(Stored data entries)
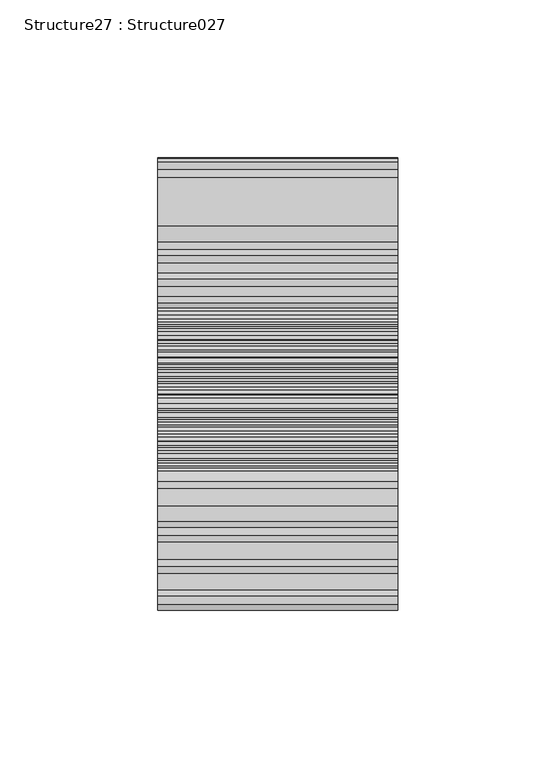
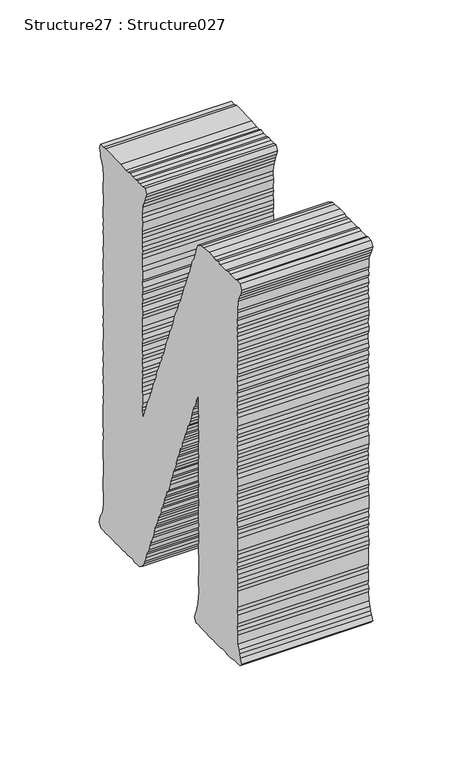
"""IFC4 building model written with IfcOpenShell, lengths in millimetres: proxy geometry, Structure27 : Structure027."""

from ifc_helpers import new_model, si_unit, frame, origin, place, context, project, spatial, polyline, outline, extrude, source, transform, mapped, element, save


def structure27_structure027_78d25ec5(model_context):
    return source(origin(), model_context, "Body", "SweptSolid", [
        extrude(outline(polyline([(4.3730473, 0.0), (7.5523619, 0.4888648), (9.447333, 0.5296799), (14.6047587, 1.6773315), (17.1469856, -0.2386542), (16.4846309, -2.6527648), (16.4531781, -5.1432884), (15.7164154, -10.3515786), (15.7605694, -12.2350435), (15.3716005, -14.9847255), (14.7622669, -17.0966038), (14.677793, -19.8893596), (14.0284831, -24.4794328), (13.106131, -26.5359087), (12.6726644, -29.6001516), (13.0313794, -31.5281142), (12.6852469, -33.9749789), (11.3723834, -38.7920416), (10.6785758, -43.6966757), (8.2899903, -45.2248832), (5.7436878, -43.3074653), (3.6878134, -42.3869096), (1.6160177, -41.4760804), (-0.9598187, -39.8642172), (-6.1210947, -38.8132496), (-8.6141347, -38.7814407), (-10.6708479, -37.8607664), (-13.170615, -37.8160273), (-18.3680005, -37.0808073), (-20.4775997, -36.4735072), (-22.9689784, -36.4299548), (-32.7673419, -35.0438823), (-35.2553488, -35.0127853), (-37.7173124, -34.6645169), (-40.117163, -34.0041795), (-42.8794274, -33.6134307), (-45.2801002, -32.9649555), (-47.8159767, -33.2359639), (-49.5807774, -32.3565834), (-52.4169547, -32.5851114), (-55.1213001, -31.8817003), (-57.3232664, -31.8910666), (-64.9775824, -30.8082901), (-67.3816272, -30.1473594), (-69.8251365, -29.8017016), (-71.7133807, -29.8554468), (-74.6886118, -28.8048393), (-76.5273254, -28.5447356), (-79.6822576, -28.7281727), (-82.125767, -28.3825148), (-84.2244779, -27.7647765), (-86.9447447, -27.0710917), (-89.4352846, -27.0276579), (-91.5364955, -26.4215444), (-93.7225404, -26.4211844), (-96.5251083, -26.3455898), (-101.4213541, -25.6529688), (-103.7917895, -24.6879155), (-106.2361377, -24.342139), (-108.7711752, -24.6132661), (-110.8270497, -23.6927104), (-113.9777879, -23.8767408), (-115.7761979, -23.3014829), (-118.2650437, -23.2702673), (-120.939974, -22.2621402), (-123.7895725, -22.4887697), (-125.5317249, -21.612593), (-128.3679021, -21.841121), (-130.4330037, -20.9192601), (-133.587936, -21.1026971), (-138.4934089, -20.4087709), (-140.535862, -19.4901138), (-143.0818044, -19.7596983), (-145.4421738, -18.7960689), (-147.5946094, -18.4915862), (-150.7361205, -18.6769219), (-153.0964899, -17.7132925), (-155.0359587, -18.0686685), (-157.4358093, -17.4083311), (-160.1409772, -16.7167821), (-162.9032416, -16.3260333), (-165.134623, -16.6401155), (-167.884305, -16.2511466), (-169.6398786, -15.3730714), (-172.4449795, -15.2851399), (-174.9464077, -15.2521444), (-177.6952508, -14.8632942), (-179.4810784, -14.2898162), (-182.5562261, -13.8548071), (-185.045072, -13.8235914), (-187.4071191, -12.8597247), (-189.9068861, -12.8149857), (-191.998031, -12.2102961), (-194.5422957, -12.480118), (-197.2138707, -11.4724655), (-199.1306912, -11.8310454), (-202.1537918, -11.0825433), (-204.0361642, -11.1371192), (-209.5901081, -10.6603375), (-211.8206507, -10.9745383), (-214.7861761, -12.1113996), (-216.7164178, -12.4680809), (-219.288555, -13.0317139), (-221.8062812, -10.8094615), (-221.7160705, -8.0063942), (-220.8382162, -6.2644793), (-220.099911, -1.0452842), (-220.4156708, 1.1863344), (-219.4934375, 3.2419716), (-218.7138385, 8.7530791), (-219.0297169, 10.9838591), (-218.0645286, 13.3431524), (-218.4232435, 15.2711149), (-217.7293172, 20.1765878), (-216.3307809, 25.5992852), (-216.0274849, 27.7433325), (-213.7116295, 30.8501704), (-211.7528114, 31.5116863), (-208.5894908, 31.6939367), (-206.3303556, 32.3009912), (-204.0578154, 32.918128), (-202.1266161, 33.2755295), (-199.4656022, 34.4674455), (-196.5748285, 34.9851487), (-194.3006107, 35.6020482), (-192.0556894, 35.9150707), (-189.1338392, 36.7492333), (-187.2623553, 36.7933709), (-184.6307401, 37.6685901), (-182.0527475, 38.2433734), (-179.4782287, 38.8177924), (-177.4623143, 39.7801083), (-175.2317716, 40.0943092), (-172.6438317, 40.6668298), (-170.6865562, 41.3174408), (-167.8352801, 41.5438329), (-165.4754058, 42.778348), (-163.2465244, 43.0808053), (-160.4010014, 43.3088668), (-157.7366158, 44.4883273), (-153.493514, 45.7653188), (-151.2149833, 46.3824638), (-148.7294764, 46.3397419), (-146.1070883, 47.2162663), (-143.2196863, 47.7464251), (-140.9025135, 48.6669808), (-139.2776056, 49.0668545), (-136.0940968, 49.5551261), (-134.4691726, 49.9430188), (-131.8468009, 50.8315242), (-128.9601027, 51.3506595), (-126.7295601, 51.6648603), (-124.4553423, 52.2817598), (-121.6166322, 52.497951), (-119.8605963, 53.8187403), (-117.3742504, 53.7758999), (-115.0151987, 54.9985527), (-112.1656002, 55.2251821), (-109.5338662, 56.1012402), (-107.2697144, 56.7195636), (-104.9954966, 57.3364631), (-103.1139466, 57.3791767), (-99.8767132, 58.180704), (-97.561218, 59.101497), (-95.2870001, 59.7183965), (-92.7393637, 59.9757628), (-90.2076815, 60.2473646), (-88.2479059, 60.9096006), (-85.662466, 61.4704962), (-83.0409168, 62.3471392), (-81.0275351, 63.3217921), (-76.2492374, 63.894198), (-73.9892798, 64.5131149), (-70.7528688, 65.3027798), (-68.4659498, 65.9187383), (-68.9984941, 66.6118257), (-71.3689294, 67.576879), (-73.1984158, 67.8356774), (-76.3483152, 67.6515284), (-81.254627, 68.3455733), (-83.0060063, 69.2230552), (-85.7590437, 69.6124987), (-88.2453894, 69.6553393), (-91.016881, 70.0473933), (-93.5099209, 70.0792023), (-95.2520732, 70.9553789), (-97.7971768, 70.6856758), (-100.158385, 71.6494237), (-102.6161545, 71.9970988), (-105.4514929, 71.7684522), (-107.5510425, 72.3863092), (-110.5707714, 73.1223557), (-112.4573543, 73.0803541), (-114.9361341, 73.1101458), (-117.6211305, 74.1196967), (-120.1116704, 74.1631305), (-122.5131821, 74.8117243), (-127.4186551, 75.5056506), (-129.9629197, 75.2358288), (-131.7924061, 75.4946272), (-134.7584102, 76.5439294), (-136.610545, 76.8059316), (-139.1472602, 76.5350419), (-142.1653278, 77.282832), (-144.048539, 77.2283748), (-146.48366, 77.5728461), (-149.4714737, 78.6252334), (-151.389133, 78.2667723), (-156.2954448, 78.9608172), (-159.3135124, 79.7086073), (-164.2189852, 80.4025335), (-166.3067749, 81.0067483), (-168.8560726, 80.7376385), (-170.9547834, 81.3553768), (-173.7036266, 81.7442271), (-176.4322817, 82.4390984), (-178.9236605, 82.4826509), (-180.7195375, 83.0455719), (-186.3037191, 83.2057756), (-188.6791875, 84.1715408), (-191.121858, 84.51708), (-195.8538452, 84.2478555), (-198.7371717, 83.7162647), (-200.976119, 83.4152314), (-203.8971303, 82.58095), (-206.4750042, 82.0070056), (-209.023103, 83.923822), (-208.4144731, 86.0246769), (-207.9811252, 89.088081), (-207.9386653, 91.5898817), (-207.0742322, 93.3336952), (-206.6408843, 96.3970993), (-206.9003865, 98.9296369), (-206.0344108, 100.6843552), (-205.6866171, 103.1429634), (-205.6001054, 108.1215268), (-203.4345525, 123.430159), (-202.4811241, 125.8030944), (-202.4352924, 128.2924395), (-199.8465137, 128.8648413), (-196.9149577, 127.5115352), (-195.1150051, 126.947182), (-192.5383301, 125.3352002), (-190.220797, 124.0687535), (-185.1015186, 122.7148499), (-183.2636439, 122.4548649), (-180.1087115, 122.6383019), (-175.520316, 121.9892294), (-173.1507195, 121.0242947), (-167.953334, 120.2890746), (-166.0659288, 120.3429385), (-160.8467337, 119.6046333), (-158.4561103, 118.9456012), (-155.9672644, 118.9143855), (-153.8551324, 118.2947487), (-151.3662865, 118.2635331), (-148.6485197, 117.5582234), (-143.7564681, 116.8661957), (-141.2063316, 117.1351869), (-136.401614, 115.825781), (-133.8573493, 116.0956029), (-131.1505038, 115.4038166), (-128.9947128, 115.0988593), (-126.2895285, 114.3953295), (-124.372708, 114.7539093), (-121.2958827, 114.3186629), (-119.2408471, 113.3982258), (-116.7520012, 113.3670102), (-111.5411945, 112.6298916), (-109.3459224, 112.6282263), (-106.6399157, 111.9365587), (-104.8549269, 111.3631994), (-102.3979964, 111.015643), (-99.5996226, 110.9406416), (-97.5000729, 110.3227847), (-94.6983438, 110.2473087), (-91.9797382, 109.5418804), (-87.0885254, 108.8499714), (-84.8571439, 109.1640536), (-79.951671, 108.4701274), (-77.8815365, 107.5475544), (-74.7878948, 107.4307846), (-72.915572, 107.4748036), (-70.5451366, 106.5097503), (-68.0529356, 106.47806), (-65.6043932, 106.1316902), (-62.5770984, 105.3825948), (-60.7031144, 105.4383573), (-57.6800139, 104.6898552), (-52.7787351, 103.9965223), (-50.5473536, 104.3106045), (-48.4914792, 103.3900488), (-45.3793833, 103.2706684), (-42.8796162, 103.2259294), (-40.7926655, 102.6218332), (-33.1375106, 101.5389381), (-31.0253784, 100.9193012), (-28.2320376, 100.8450118), (-26.4327887, 100.2696353), (-23.3257258, 100.1509669), (-21.4534031, 100.1949859), (-18.4336742, 99.4589393), (-16.2333691, 99.456562), (-13.7898599, 99.1109042), (-11.7339854, 98.1903485), (-4.0788305, 97.1074534), (-1.2720684, 97.0312655), (0.9005553, 97.032804), (3.6342434, 96.3372206), (5.5065661, 96.3812396), (8.1764636, 95.3738244), (13.3872703, 94.6367058), (17.7618602, 94.6476106), (20.9411747, 95.1364755), (22.9663164, 96.0974861), (26.1507825, 96.5864779), (28.079363, 96.9314156), (30.5786349, 94.7117737), (30.2754575, 92.5685652), (30.2749952, 90.3697005), (29.5386948, 87.3602749), (29.2355174, 85.2170665), (28.5303263, 82.5001385), (28.8890413, 80.5721759), (28.1510797, 77.5510067), (27.8922813, 75.7215204), (27.7634284, 72.6150425), (26.8410764, 70.5585666), (27.1139998, 68.0241306), (26.1044324, 65.3511152), (25.8439727, 63.5098852), (26.1170149, 60.9762879), (25.4218897, 58.2579361), (25.1185936, 56.1138887), (22.5319713, 53.3550859), (20.2677008, 52.7359237), (17.608348, 51.5557514), (15.408043, 51.5581286), (12.5290294, 51.0267833), (10.1984352, 50.1081262), (7.8956411, 49.1863921), (5.0460426, 48.9597626), (2.4152662, 48.0844248), (-2.1316104, 46.8495496), (-4.3966012, 46.2313449), (-6.2915723, 46.1905297), (-9.4708868, 45.7016648), (-11.4440837, 45.0413274), (-14.1042751, 43.8612736), (-16.2919813, 43.8498902), (-18.9269518, 42.9751456), (-21.2004495, 42.3572886), (-23.5032437, 41.4355545), (-26.3175716, 41.5247913), (-28.3217262, 40.5488332), (-30.9526212, 39.6726565), (-33.1302779, 39.67183), (-35.7509882, 38.7950682), (-37.6770358, 38.4377936), (-40.254206, 37.8748726), (-42.6241463, 36.6417814), (-47.4762381, 35.4509375), (-49.9634227, 35.4938966), (-52.5850905, 34.6164147), (-54.5673958, 33.9582214), (-57.7080681, 33.7727671), (-59.3766512, 33.0701948), (-61.9932862, 32.1920009), (-64.5854203, 31.6200737), (-66.772304, 31.6205524), (-69.6513177, 31.0892071), (-71.6186591, 30.4400199), (-74.2410307, 29.5515146), (-76.1670784, 29.19424), (-79.146025, 28.0592772), (-81.6365648, 28.102711), (-84.2674598, 27.2265343), (-86.4845812, 26.9104349), (-89.1153575, 26.0350971), (-90.7318771, 25.6340368), (-93.967568, 24.8434143), (-96.1964493, 24.540957), (-98.2434403, 23.2621816), (-100.5295368, 22.6580854), (-103.1032167, 22.0835477), (-105.6483202, 21.8138445), (-107.5634794, 21.4670083), (-110.4433155, 20.9238006), (-113.1220798, 19.7455186), (-115.3534613, 19.4314364), (-117.3206841, 18.7830881), (-119.898558, 18.2091437), (-122.529453, 17.332967), (-120.1161813, 16.670731), (-117.9368634, 16.6833012), (-114.8617157, 16.248292), (-112.762166, 15.630435), (-110.3606543, 14.9818412), (-108.1746094, 14.981481), (-103.2682976, 14.2874362), (-100.2485687, 13.5513896), (-95.9613129, 12.9449161), (-92.8517171, 12.8139109), (-90.977733, 12.8696734), (-88.5644613, 12.2074374), (-85.8584545, 11.5157699), (-83.3225781, 11.7867783), (-78.1168044, 11.0503717), (-75.7035326, 10.3881356), (-73.5158264, 10.3995192), (-70.8114809, 9.696108), (-68.6968487, 9.088096), (-66.1660053, 9.3598164), (-63.4121292, 8.9702542), (-61.3041912, 8.3512106), (-59.2130462, 7.7465211), (-56.7552768, 7.3988461), (-54.5692319, 7.398486), (-51.5058278, 6.965138), (-49.0136266, 6.9334479), (-46.6137761, 6.2731104), (-44.4999827, 5.6652171), (-41.9641064, 5.9362256), (-39.3025973, 4.9299971), (-34.4013185, 4.2366641), (-32.2144347, 4.2361854), (-27.3089619, 3.5422591), (-25.2085897, 2.9362644), (-14.7911704, 1.4626205), (-12.6185467, 1.4641589), (-9.7975245, 1.3859539), (-7.6677374, 1.084675), (-5.5984416, 0.1622208), (-3.1540935, -0.1835557), (0.0, 0.0), (4.3730473, 0.0)])), frame((-35624.0862846, 276095.3076568, 3999.8318725), z_axis=(1.0, 0.0, 1.354250045437766e-12), x_axis=(1.3435374844757662e-12, 0.14006512962532752, -0.9901422925332704)), (0.0, 0.0, 1.0), 76.2),
    ])


if __name__ == "__main__":
    model = new_model("IFC4")
    model_context = context("Model", 3, world=origin())
    ifc_project = project(units=[si_unit("LENGTHUNIT", "METRE", prefix="MILLI")], contexts=[model_context])
    site = spatial("IfcSite", under=ifc_project)
    building = spatial("IfcBuilding", under=site)
    placement = place(None, origin())
    structure27_structure027_shape = structure27_structure027_78d25ec5(model_context)
    element("IfcBuildingElementProxy", 1, Name="Structure27 : Structure027", ObjectType="Structure27 : Structure027", at=placement, inside=building, context=model_context, shape_type="MappedRepresentation", body=[
        mapped(structure27_structure027_shape, transform((0.0, 0.0, 0.0), x_axis=(1.0, 0.0, 0.0), y_axis=(0.0, 1.0, 0.0), z_axis=(0.0, 0.0, 1.0))),
    ])
    save(model, "model.ifc")

# Revit data of these elements
# Type "Structure27 : Structure027"
#   NameOverride = "Structure027"
# Element 1 (IfcBuildingElementProxy, "Structure27 : Structure027")
#   Materials on its faces: "BRUSHED ALUMINUM LETTERING"
# Materials
#   "BRUSHED ALUMINUM LETTERING": class "Unassigned", colour RGB 169 181 186, transparency 0, Cost = 0

What the task asks: Once you reach the line that contains "# Revit data of these elements", print it and every line after it exactly as written, stopping at the last line of the records and adding nothing.

Result for this exercise:
# Revit data of these elements
# Type "Structure27 : Structure027"
#   NameOverride = "Structure027"
# Element 1 (IfcBuildingElementProxy, "Structure27 : Structure027")
#   Materials on its faces: "BRUSHED ALUMINUM LETTERING"
# Materials
#   "BRUSHED ALUMINUM LETTERING": class "Unassigned", colour RGB 169 181 186, transparency 0, Cost = 0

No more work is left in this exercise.